*** Data supplied ***

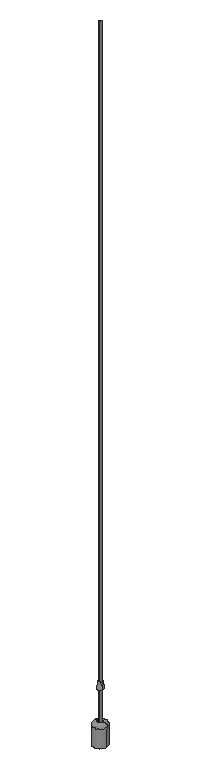
Revit family "Floral 400", category Lighting Fixtures, host Ceiling, Revit 2017
Family settings
  Host = Ceiling
  Round Connector Dimension = Use Diameter
  Part Type = Normal
  OmniClass Number = 23.80.70.11
  OmniClass Title = Luminaries for Internal Lighting
  Always vertical = Yes
  Cut with Voids When Loaded = No
  Light Source = Yes
  Shared = No
  Room Calculation Point = No
Parameters (values of type "Generic")
  Wattage Comments = "Max. 60 Watts. 110V(US) / 230-240V(EU). Lamp NOT provided."
  Wattage = 6.7321 W
  built-in parameter 1150110 = 1 (stored number, unit not read)
  URL = "https://www.davidtrubridge.com"
  Type Comments = "Ceilig Rose required, contact supplier for options."
  built-in parameter 1114217 = 1 (stored number, unit not read)
  built-in parameter 1150109 = 1 (stored number, unit not read)
  built-in parameter 1150134 = (empty or 0)
  Suspension Top [instance] = Suspension Mid - 200 mm  # 1800 mm
  built-in parameter 1150113 = 1 (stored number, unit not read)
  Model = "Floral 400"
  Manufacturer = "David Trubridge"
  Lumens = 1000 lm
  built-in parameter 1150115 = 1 (stored number, unit not read)
  built-in parameter 1150105 = 79.577 (stored number, unit not read)
  Suspension Mid [instance] = 2000 mm
  Light Source Symbol Size = 100 mm
  built-in parameter 1150137 = (empty or 0)
  built-in parameter 1150139 = (empty or 0)
  Lamp Wattage = 0 W
  built-in parameter 1150112 = 1 (stored number, unit not read)
  built-in parameter 1150114 = 1 (stored number, unit not read)
  Lamp = "E14 (EU) / E26 (USA)"
  built-in parameter 1150132 = 2
  built-in parameter 1150102 = (empty or 0)
  built-in parameter 1150138 = (empty or 0)
  built-in parameter 1150107 = 3000 (stored number, unit not read)
  built-in parameter 1150106 = 0.79577 (stored number, unit not read)
  built-in parameter 1150104 = 13.8 (stored number, unit not read)
  Dimming Lamp Color Temperature Shift = <None>
  Description = "Pendant in bamboo plywood. Can be made in a large range of colours. Lamp is not supplied"
  Cordset Finish = Plastic, Opaque White
  Color Filter = 16777215
  built-in parameter 1114218 = 1 (stored number, unit not read)
  built-in parameter 1150133 = 10 (stored number, unit not read)
  Apparent Load = 0 VA
Reference planes
  plane 1 "Light Source Axis (F/B)": y = 0
  plane 2: z = 0
  plane 3 "Light Source Axis (L/R)": x = 0
  plane 4 "Ceiling": z = 4180
  plane 5 "Light Source Elevation": z = 2180
  plane 6 "Top of pendant": z = 2380
  plane 7 "Light Socket": z = 2230
  plane 8 "Outer edge": x = -200.108
  plane 9 "Outer Edge": x = 199.892
  plane 10 "Bottom of Pendant": z = 1980
Forms (mm)
  Revolve 1, solid, material "Plastic, Opaque White" <- "Cordset Finish"
    sketch origin (0, 0, -205) x (1, 0, 0) y (0, 0, 1)
      loop
        line (0, 2497) -> (0, 2435) -> (20, 2435) -> (20, 2487)
        arc (20, 2487) -> (17.071, 2494.071) -> (10, 2497) r 10
        line (10, 2497) -> (0, 2497)
      axis (0, 2435) -> (0, 2497)
    angle from 0 to 360
  Extrusion 2, solid, material "Plastic, Opaque White" <- "Cordset Finish"
    sketch origin (0, 0, 3200) x (0, 1, 0) y (-1, 0, 0)
      loop
        circle (0, 0) r 3
    from -820 to 980
  Extrusion 3, solid, material "Plastic, Opaque White" <- "Cordset Finish"
    sketch origin (0, 0, 3200) x (0, 1, 0) y (-1, 0, 0)
      loop
        circle (0, 0) r 3
    from -970 to -820
  Revolve 4, solid, material "Plastic, Opaque White" <- "Cordset Finish"
    sketch origin (0, 0, -40) x (1, 0, 0) y (0, 0, 1)
      loop
        line (0, 2440) -> (0, 2420) -> (7.5, 2420) -> (5, 2440) -> (0, 2440)
      axis (0, 2420) -> (0, 2440)
    angle from 0 to 360
Dimensions and locks
  equal spacing: host sketch curve, plane 3 "Light Source Axis (L/R)", host sketch curve
  equal spacing: host sketch curve, plane 1 "Light Source Axis (F/B)", host sketch curve
  host sketch curve to host sketch curve = 4000 mm  (x2)
  host ceiling to plane 4 "Ceiling" = 180 mm
  plane 4 "Ceiling" to level = 4180 mm
  "Suspension Mid": plane 5 "Light Source Elevation" to plane 4 "Ceiling"
  locked: plane 5 "Light Source Elevation" to plane 6 "Top of pendant" at 200
  locked: plane 5 "Light Source Elevation" to plane 7 "Light Socket" at 50
  plane 9 "Outer Edge" to plane 8 "Outer edge" = 400 mm
  plane 8 "Outer edge" to plane 9 "Outer Edge" = 400 mm
  plane 10 "Bottom of Pendant" to plane 6 "Top of pendant" = 400 mm
  aligned and locked: plane 3 "Light Source Axis (L/R)" to imposter light
  aligned and locked: plane 1 "Light Source Axis (F/B)" to imposter light
  aligned and locked: plane 5 "Light Source Elevation" to imposter light
  aligned and locked: Extrusion 2 to plane 6 "Top of pendant"
  aligned and locked: Extrusion 3 to Revolve 1
  aligned and locked: plane 7 "Light Socket" to Extrusion 3
  aligned and locked: level to plane 2
  aligned and locked: Extrusion 3 to plane 6 "Top of pendant"
  aligned and locked: Extrusion 2 to plane 4 "Ceiling"
  aligned and locked: import instance to plane 6 "Top of pendant"
Automatic sketch dimensions
  Revolve 1 sketch curve to plane 3 "Light Source Axis (L/R)" = 0 mm
  plane 3 "Light Source Axis (L/R)" to Revolve 1 sketch curve = 0 mm
  plane 3 "Light Source Axis (L/R)" to Revolve 1 sketch curve = 10 mm
  Revolve 1 sketch curve to Revolve 1 sketch curve = 20 mm
  Revolve 1 sketch curve to plane 5 "Light Source Elevation" = 50 mm
  Revolve 1 sketch curve to Revolve 1 sketch curve = 52 mm
  Revolve 1 sketch curve to level = 563.228 mm
  Revolve 1 sketch curve to plane 4 "Ceiling" = 157.185 mm
  plane 1 "Light Source Axis (F/B)" to Extrusion 2 sketch curve = 0 mm
  Extrusion 2 sketch curve to plane 3 "Light Source Axis (L/R)" = 0 mm
  plane 1 "Light Source Axis (F/B)" to Extrusion 3 sketch curve = 0 mm
  Extrusion 3 sketch curve to plane 3 "Light Source Axis (L/R)" = 0 mm
  Revolve 4 sketch curve to plane 3 "Light Source Axis (L/R)" = 0 mm  (x2)
  Revolve 4 sketch curve to plane 6 "Top of pendant" = 0 mm
  plane 3 "Light Source Axis (L/R)" to Revolve 4 sketch curve = 5 mm
  plane 3 "Light Source Axis (L/R)" to Revolve 4 sketch curve = 7.5 mm
  Revolve 4 sketch curve to plane 6 "Top of pendant" = 20 mm
  Revolve 4 sketch curve to level = 344.8 mm
  plane 4 "Ceiling" to Revolve 4 sketch curve = 40 mm
  radius of Extrusion 2 sketch curve = 3 mm
  radius of Extrusion 3 sketch curve = 3 mm
Connectors
  electrical at (0, 0, 4180)
    settings: index 1, voltage 0 V, apparent load 0 VA, apparent load phase1 0 VA, apparent load phase2 0 VA, apparent load phase3 0 VA, power factor 1, load classification "Other", number of poles 1, system type 30, power factor state 0, is connector primary yes, connector utility no, sub classification motor no, connector description ""

*** End of Data supplied ***

### Exercise directions:
Check each line of the records above, and copy those that hold the word "origin".

### Result of the task:
    sketch origin (0, 0, -205) x (1, 0, 0) y (0, 0, 1)
    sketch origin (0, 0, 3200) x (0, 1, 0) y (-1, 0, 0)
    sketch origin (0, 0, 3200) x (0, 1, 0) y (-1, 0, 0)
    sketch origin (0, 0, -40) x (1, 0, 0) y (0, 0, 1)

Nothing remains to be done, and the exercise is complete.